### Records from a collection
□ □ □ □
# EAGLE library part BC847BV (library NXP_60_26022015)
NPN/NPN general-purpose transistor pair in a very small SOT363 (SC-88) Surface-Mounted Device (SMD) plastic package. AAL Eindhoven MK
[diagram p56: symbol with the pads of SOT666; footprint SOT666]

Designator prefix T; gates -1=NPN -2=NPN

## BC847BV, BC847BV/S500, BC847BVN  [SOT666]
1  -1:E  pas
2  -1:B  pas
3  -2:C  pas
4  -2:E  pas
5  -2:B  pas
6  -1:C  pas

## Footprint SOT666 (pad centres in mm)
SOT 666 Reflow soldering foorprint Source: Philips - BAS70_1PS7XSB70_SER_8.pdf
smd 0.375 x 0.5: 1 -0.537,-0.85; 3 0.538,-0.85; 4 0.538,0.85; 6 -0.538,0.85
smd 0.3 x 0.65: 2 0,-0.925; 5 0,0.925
□ □ □ □
### WHAT TO PRODUCE
Your answer should consist of every entry, repeated exactly.

### RESPONSE TO THIS TASK
# EAGLE library part BC847BV (library NXP_60_26022015)
NPN/NPN general-purpose transistor pair in a very small SOT363 (SC-88) Surface-Mounted Device (SMD) plastic package. AAL Eindhoven MK
[diagram p56: symbol with the pads of SOT666; footprint SOT666]

Designator prefix T; gates -1=NPN -2=NPN

## BC847BV, BC847BV/S500, BC847BVN  [SOT666]
1  -1:E  pas
2  -1:B  pas
3  -2:C  pas
4  -2:E  pas
5  -2:B  pas
6  -1:C  pas

## Footprint SOT666 (pad centres in mm)
SOT 666 Reflow soldering foorprint Source: Philips - BAS70_1PS7XSB70_SER_8.pdf
smd 0.375 x 0.5: 1 -0.537,-0.85; 3 0.538,-0.85; 4 0.538,0.85; 6 -0.538,0.85
smd 0.3 x 0.65: 2 0,-0.925; 5 0,0.925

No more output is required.